┏━━

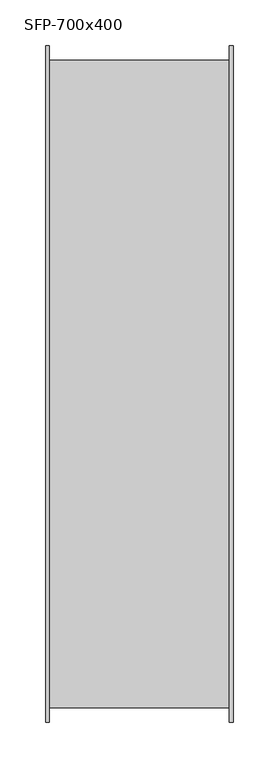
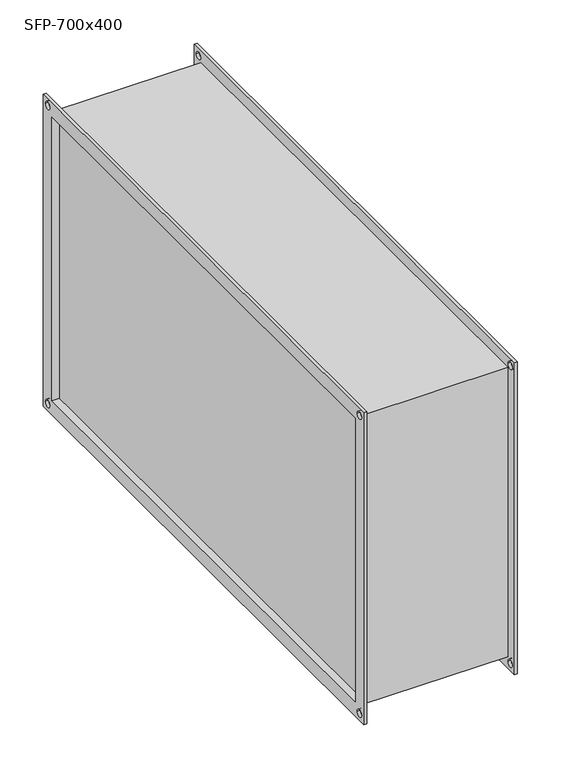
"""IFC4 building model written with IfcOpenShell, lengths in millimetres: damper geometry, СВ_ФильтрКассетный_КанальныйПрямоугольный_200-1000_SFP : SFP-700x400."""

from ifc_helpers import new_model, si_unit, frame, origin, place, context, project, spatial, polyline, circle_curve, outline, extrude, source, transform, mapped, element, save
from ifc_brep_helpers import plane_surface, revolved_surface, advanced_brep


def sfp_700x400_63a0177b(model_context):
    return source(origin(), model_context, "Body", "SolidModel", [
        extrude(outline(polyline([(92.5, 350.0), (92.5, -350.0), (-92.5, -350.0), (-92.5, 350.0), (92.5, 350.0)])), frame((0.0, 0.0, -200.0), z_axis=(0.0, 0.0, 1.0), x_axis=(1.0, 0.0, 0.0)), (0.0, 0.0, 1.0), 400.0),
        advanced_brep(
        [(98.5, -354.0, 204.0), (-98.5, -354.0, 204.0), (-98.5, -354.0, -204.0), (98.5, -354.0, -204.0), (-98.5, 354.0, -204.0), (98.5, 354.0, -204.0), (-98.5, 354.0, 204.0), (98.5, 354.0, 204.0), (-102.5, -370.0, 220.0), (-102.5, 370.0, 220.0), (-102.5, 370.0, -220.0), (-102.5, -370.0, -220.0), (-102.5, -350.0, 200.0), (-102.5, -350.0, -200.0), (-102.5, 350.0, -200.0), (-102.5, 350.0, 200.0), (-102.5, 355.0, 210.0), (-102.5, 365.0, 210.0), (-102.5, -365.0, 210.0), (-102.5, -355.0, 210.0), (-102.5, -365.0, -210.0), (-102.5, -355.0, -210.0), (-102.5, 355.0, -210.0), (-102.5, 365.0, -210.0), (-98.5, -370.0, 220.0), (-98.5, -370.0, -220.0), (-98.5, 370.0, -220.0), (-98.5, 370.0, 220.0), (-98.5, 365.0, 210.0), (-98.5, 355.0, 210.0), (-98.5, -355.0, 210.0), (-98.5, -365.0, 210.0), (-98.5, -355.0, -210.0), (-98.5, -365.0, -210.0), (-98.5, 365.0, -210.0), (-98.5, 355.0, -210.0), (98.5, 370.0, 220.0), (98.5, 370.0, -220.0), (98.5, -370.0, -220.0), (98.5, -370.0, 220.0), (98.5, 355.0, 210.0), (98.5, 365.0, 210.0), (98.5, -365.0, 210.0), (98.5, -355.0, 210.0), (98.5, -365.0, -210.0), (98.5, -355.0, -210.0), (98.5, 355.0, -210.0), (98.5, 365.0, -210.0), (102.5, 370.0, 220.0), (102.5, -370.0, 220.0), (102.5, -370.0, -220.0), (102.5, 370.0, -220.0), (102.5, 350.0, 200.0), (102.5, 350.0, -200.0), (102.5, -350.0, -200.0), (102.5, -350.0, 200.0), (102.5, 365.0, 210.0), (102.5, 355.0, 210.0), (102.5, -355.0, 210.0), (102.5, -365.0, 210.0), (102.5, -355.0, -210.0), (102.5, -365.0, -210.0), (102.5, 365.0, -210.0), (102.5, 355.0, -210.0)],
        [
            (0, 1),
            (1, 2),
            (2, 3),
            (3, 0),
            (2, 4),
            (4, 5),
            (5, 3),
            (4, 6),
            (6, 7),
            (7, 5),
            (0, 7),
            (6, 1),
            (8, 9),
            (9, 10),
            (10, 11),
            (11, 8),
            (12, 13),
            (13, 14),
            (14, 15),
            (15, 12),
            (16, 17, circle_curve(frame((-102.5, 360.0, 210.0), z_axis=(1.0, 0.0, 0.0), x_axis=(0.0, 1.0, 0.0)), 5.0)),
            (17, 16, circle_curve(frame((-102.5, 360.0, 210.0), z_axis=(1.0, 0.0, 0.0), x_axis=(0.0, 1.0, 0.0)), 5.0)),
            (18, 19, circle_curve(frame((-102.5, -360.0, 210.0), z_axis=(1.0, 0.0, 0.0), x_axis=(0.0, 1.0, 0.0)), 5.0)),
            (19, 18, circle_curve(frame((-102.5, -360.0, 210.0), z_axis=(1.0, 0.0, 0.0), x_axis=(0.0, 1.0, 0.0)), 5.0)),
            (20, 21, circle_curve(frame((-102.5, -360.0, -210.0), z_axis=(1.0, 0.0, 0.0), x_axis=(0.0, 1.0, 0.0)), 5.0)),
            (21, 20, circle_curve(frame((-102.5, -360.0, -210.0), z_axis=(1.0, 0.0, 0.0), x_axis=(0.0, 1.0, 0.0)), 5.0)),
            (22, 23, circle_curve(frame((-102.5, 360.0, -210.0), z_axis=(1.0, 0.0, 0.0), x_axis=(0.0, 1.0, 0.0)), 5.0)),
            (23, 22, circle_curve(frame((-102.5, 360.0, -210.0), z_axis=(1.0, 0.0, 0.0), x_axis=(0.0, 1.0, 0.0)), 5.0)),
            (24, 25),
            (25, 26),
            (26, 27),
            (27, 24),
            (28, 29, circle_curve(frame((-98.5, 360.0, 210.0), z_axis=(-1.0, 0.0, 0.0), x_axis=(0.0, 1.0, 0.0)), 5.0)),
            (29, 28, circle_curve(frame((-98.5, 360.0, 210.0), z_axis=(-1.0, 0.0, 0.0), x_axis=(0.0, 1.0, 0.0)), 5.0)),
            (30, 31, circle_curve(frame((-98.5, -360.0, 210.0), z_axis=(-1.0, 0.0, 0.0), x_axis=(0.0, 1.0, 0.0)), 5.0)),
            (31, 30, circle_curve(frame((-98.5, -360.0, 210.0), z_axis=(-1.0, 0.0, 0.0), x_axis=(0.0, 1.0, 0.0)), 5.0)),
            (32, 33, circle_curve(frame((-98.5, -360.0, -210.0), z_axis=(-1.0, 0.0, 0.0), x_axis=(0.0, 1.0, 0.0)), 5.0)),
            (33, 32, circle_curve(frame((-98.5, -360.0, -210.0), z_axis=(-1.0, 0.0, 0.0), x_axis=(0.0, 1.0, 0.0)), 5.0)),
            (34, 35, circle_curve(frame((-98.5, 360.0, -210.0), z_axis=(-1.0, 0.0, 0.0), x_axis=(0.0, 1.0, 0.0)), 5.0)),
            (35, 34, circle_curve(frame((-98.5, 360.0, -210.0), z_axis=(-1.0, 0.0, 0.0), x_axis=(0.0, 1.0, 0.0)), 5.0)),
            (11, 25),
            (24, 8),
            (10, 26),
            (9, 27),
            (36, 37),
            (37, 38),
            (38, 39),
            (39, 36),
            (40, 41, circle_curve(frame((98.5, 360.0, 210.0), z_axis=(1.0, 0.0, 0.0), x_axis=(0.0, 1.0, 0.0)), 5.0)),
            (41, 40, circle_curve(frame((98.5, 360.0, 210.0), z_axis=(1.0, 0.0, 0.0), x_axis=(0.0, 1.0, 0.0)), 5.0)),
            (42, 43, circle_curve(frame((98.5, -360.0, 210.0), z_axis=(1.0, 0.0, 0.0), x_axis=(0.0, 1.0, 0.0)), 5.0)),
            (43, 42, circle_curve(frame((98.5, -360.0, 210.0), z_axis=(1.0, 0.0, 0.0), x_axis=(0.0, 1.0, 0.0)), 5.0)),
            (44, 45, circle_curve(frame((98.5, -360.0, -210.0), z_axis=(1.0, 0.0, 0.0), x_axis=(0.0, 1.0, 0.0)), 5.0)),
            (45, 44, circle_curve(frame((98.5, -360.0, -210.0), z_axis=(1.0, 0.0, 0.0), x_axis=(0.0, 1.0, 0.0)), 5.0)),
            (46, 47, circle_curve(frame((98.5, 360.0, -210.0), z_axis=(1.0, 0.0, 0.0), x_axis=(0.0, 1.0, 0.0)), 5.0)),
            (47, 46, circle_curve(frame((98.5, 360.0, -210.0), z_axis=(1.0, 0.0, 0.0), x_axis=(0.0, 1.0, 0.0)), 5.0)),
            (48, 49),
            (49, 50),
            (50, 51),
            (51, 48),
            (52, 53),
            (53, 54),
            (54, 55),
            (55, 52),
            (56, 57, circle_curve(frame((102.5, 360.0, 210.0), z_axis=(-1.0, 0.0, 0.0), x_axis=(0.0, 1.0, 0.0)), 5.0)),
            (57, 56, circle_curve(frame((102.5, 360.0, 210.0), z_axis=(-1.0, 0.0, 0.0), x_axis=(0.0, 1.0, 0.0)), 5.0)),
            (58, 59, circle_curve(frame((102.5, -360.0, 210.0), z_axis=(-1.0, 0.0, 0.0), x_axis=(0.0, 1.0, 0.0)), 5.0)),
            (59, 58, circle_curve(frame((102.5, -360.0, 210.0), z_axis=(-1.0, 0.0, 0.0), x_axis=(0.0, 1.0, 0.0)), 5.0)),
            (60, 61, circle_curve(frame((102.5, -360.0, -210.0), z_axis=(-1.0, 0.0, 0.0), x_axis=(0.0, 1.0, 0.0)), 5.0)),
            (61, 60, circle_curve(frame((102.5, -360.0, -210.0), z_axis=(-1.0, 0.0, 0.0), x_axis=(0.0, 1.0, 0.0)), 5.0)),
            (62, 63, circle_curve(frame((102.5, 360.0, -210.0), z_axis=(-1.0, 0.0, 0.0), x_axis=(0.0, 1.0, 0.0)), 5.0)),
            (63, 62, circle_curve(frame((102.5, 360.0, -210.0), z_axis=(-1.0, 0.0, 0.0), x_axis=(0.0, 1.0, 0.0)), 5.0)),
            (39, 49),
            (48, 36),
            (38, 50),
            (37, 51),
            (15, 52),
            (55, 12),
            (14, 53),
            (13, 54),
            (16, 29),
            (28, 17),
            (40, 57),
            (56, 41),
            (18, 31),
            (30, 19),
            (42, 59),
            (58, 43),
            (20, 33),
            (32, 21),
            (44, 61),
            (60, 45),
            (22, 35),
            (34, 23),
            (46, 63),
            (62, 47),
        ],
        [
            plane_surface(frame((98.5, -354.0, 204.0), z_axis=(0.0, -1.0, 0.0), x_axis=(-1.0, 0.0, 0.0))),
            plane_surface(frame((98.5, -354.0, -204.0), z_axis=(0.0, 0.0, -1.0), x_axis=(-1.0, 0.0, 0.0))),
            plane_surface(frame((98.5, 354.0, -204.0), z_axis=(0.0, 1.0, 0.0), x_axis=(-1.0, 0.0, 0.0))),
            plane_surface(frame((98.5, 354.0, 204.0), z_axis=(0.0, 0.0, 1.0), x_axis=(-1.0, 0.0, 0.0))),
            plane_surface(frame((-102.5, -370.0, 220.0), z_axis=(-1.0, 0.0, 0.0), x_axis=(0.0, 0.0, 1.0))),
            plane_surface(frame((-98.5, -370.0, 220.0), z_axis=(1.0, 0.0, 0.0), x_axis=(0.0, 0.0, -1.0))),
            plane_surface(frame((-98.5, -370.0, 220.0), z_axis=(0.0, -1.0, 0.0), x_axis=(-1.0, 0.0, 0.0))),
            plane_surface(frame((-98.5, -370.0, -220.0), z_axis=(0.0, 0.0, -1.0), x_axis=(-1.0, 0.0, 0.0))),
            plane_surface(frame((-98.5, 370.0, -220.0), z_axis=(0.0, 1.0, 0.0), x_axis=(-1.0, 0.0, 0.0))),
            plane_surface(frame((-98.5, 370.0, 220.0), z_axis=(0.0, 0.0, 1.0), x_axis=(-1.0, 0.0, 0.0))),
            plane_surface(frame((98.5, 350.0, -200.0), z_axis=(-1.0, 0.0, 0.0), x_axis=(0.0, 0.0, 1.0))),
            plane_surface(frame((102.5, 350.0, -200.0), z_axis=(1.0, 0.0, 0.0), x_axis=(0.0, 0.0, -1.0))),
            plane_surface(frame((102.5, 370.0, 220.0), z_axis=(0.0, 0.0, 1.0), x_axis=(-1.0, 0.0, 0.0))),
            plane_surface(frame((102.5, -370.0, 220.0), z_axis=(0.0, -1.0, 0.0), x_axis=(-1.0, 0.0, 0.0))),
            plane_surface(frame((102.5, -370.0, -220.0), z_axis=(0.0, 0.0, -1.0), x_axis=(-1.0, 0.0, 0.0))),
            plane_surface(frame((102.5, 370.0, -220.0), z_axis=(0.0, 1.0, 0.0), x_axis=(-1.0, 0.0, 0.0))),
            plane_surface(frame((-98.5, -350.0, 200.0), z_axis=(0.0, 0.0, -1.0), x_axis=(-1.0, 0.0, 0.0))),
            plane_surface(frame((-98.5, 350.0, 200.0), z_axis=(0.0, -1.0, 0.0), x_axis=(-1.0, 0.0, 0.0))),
            plane_surface(frame((-98.5, 350.0, -200.0), z_axis=(0.0, 0.0, 1.0), x_axis=(-1.0, 0.0, 0.0))),
            plane_surface(frame((-98.5, -350.0, -200.0), z_axis=(0.0, 1.0, 0.0), x_axis=(-1.0, 0.0, 0.0))),
            revolved_surface(polyline([(-98.5, 365.0, 210.0), (-102.5, 365.0, 210.0)]), (-102.5, 360.0, 210.0), (1.0, 0.0, 0.0)),
            revolved_surface(polyline([(102.5, 365.0, 210.0), (98.5, 365.0, 210.0)]), (-102.5, 360.0, 210.0), (1.0, 0.0, 0.0)),
            revolved_surface(polyline([(-98.5, -355.0, 210.0), (-102.5, -355.0, 210.0)]), (0.0, -360.0, 210.0), (1.0, 0.0, 0.0)),
            revolved_surface(polyline([(102.5, -355.0, 210.0), (98.5, -355.0, 210.0)]), (0.0, -360.0, 210.0), (1.0, 0.0, 0.0)),
            revolved_surface(polyline([(-98.5, -355.0, -210.0), (-102.5, -355.0, -210.0)]), (0.0, -360.0, -210.0), (1.0, 0.0, 0.0)),
            revolved_surface(polyline([(102.5, -355.0, -210.0), (98.5, -355.0, -210.0)]), (0.0, -360.0, -210.0), (1.0, 0.0, 0.0)),
            revolved_surface(polyline([(-98.5, 365.0, -210.0), (-102.5, 365.0, -210.0)]), (0.0, 360.0, -210.0), (1.0, 0.0, 0.0)),
            revolved_surface(polyline([(102.5, 365.0, -210.0), (98.5, 365.0, -210.0)]), (0.0, 360.0, -210.0), (1.0, 0.0, 0.0)),
        ],
        [
            (0, [[1, 2, 3, 4]]),
            (1, [[-3, 5, 6, 7]]),
            (2, [[-6, 8, 9, 10]]),
            (3, [[-1, 11, -9, 12]]),
            (4, [[13, 14, 15, 16], [17, 18, 19, 20], [21, 22], [23, 24], [25, 26], [27, 28]]),
            (5, [[29, 30, 31, 32], [-2, -12, -8, -5], [33, 34], [35, 36], [37, 38], [39, 40]]),
            (6, [[-16, 41, -29, 42]]),
            (7, [[-15, 43, -30, -41]]),
            (8, [[-14, 44, -31, -43]]),
            (9, [[-13, -42, -32, -44]]),
            (10, [[45, 46, 47, 48], [-4, -7, -10, -11], [49, 50], [51, 52], [53, 54], [55, 56]]),
            (11, [[57, 58, 59, 60], [61, 62, 63, 64], [65, 66], [67, 68], [69, 70], [71, 72]]),
            (12, [[-48, 73, -57, 74]]),
            (13, [[-47, 75, -58, -73]]),
            (14, [[-46, 76, -59, -75]]),
            (15, [[-45, -74, -60, -76]]),
            (16, [[-20, 77, -64, 78]]),
            (17, [[-77, -19, 79, -61]]),
            (18, [[-79, -18, 80, -62]]),
            (19, [[-80, -17, -78, -63]]),
            (20, [[81, -33, 82, -21]]),
            (21, [[83, -65, 84, -49]]),
            (20, [[-81, -22, -82, -34]]),
            (21, [[-83, -50, -84, -66]]),
            (22, [[85, -35, 86, -23]]),
            (23, [[87, -67, 88, -51]]),
            (22, [[-85, -24, -86, -36]]),
            (23, [[-87, -52, -88, -68]]),
            (24, [[89, -37, 90, -25]]),
            (25, [[91, -69, 92, -53]]),
            (24, [[-89, -26, -90, -38]]),
            (25, [[-91, -54, -92, -70]]),
            (26, [[93, -39, 94, -27]]),
            (27, [[95, -71, 96, -55]]),
            (26, [[-93, -28, -94, -40]]),
            (27, [[-95, -56, -96, -72]]),
        ],
    ),
    ])


if __name__ == "__main__":
    model = new_model("IFC4")
    model_context = context("Model", 3, world=origin())
    ifc_project = project(units=[si_unit("LENGTHUNIT", "METRE", prefix="MILLI")], contexts=[model_context])
    site = spatial("IfcSite", under=ifc_project)
    building = spatial("IfcBuilding", under=site)
    placement = place(None, origin())
    sfp_700x400_shape = sfp_700x400_63a0177b(model_context)
    element("IfcDamper", 1, ObjectType="СВ_ФильтрКассетный_КанальныйПрямоугольный_200-1000_SFP : SFP-700x400", at=placement, inside=building, context=model_context, shape_type="MappedRepresentation", body=[
        mapped(sfp_700x400_shape, transform((0.0, 0.0, 0.0), x_axis=(1.0, 0.0, 0.0), y_axis=(0.0, 1.0, 0.0), z_axis=(0.0, 0.0, 1.0))),
    ])
    save(model, "model.ifc")

┗━━

**WHAT THE EXERCISE ASKS:** Among the lines above, list those that contain the word "import".

**TASK RESPONSE:**
from ifc_helpers import new_model, si_unit, frame, origin, place, context, project, spatial, polyline, circle_curve, outline, extrude, source, transform, mapped, element, save
from ifc_brep_helpers import plane_surface, revolved_surface, advanced_brep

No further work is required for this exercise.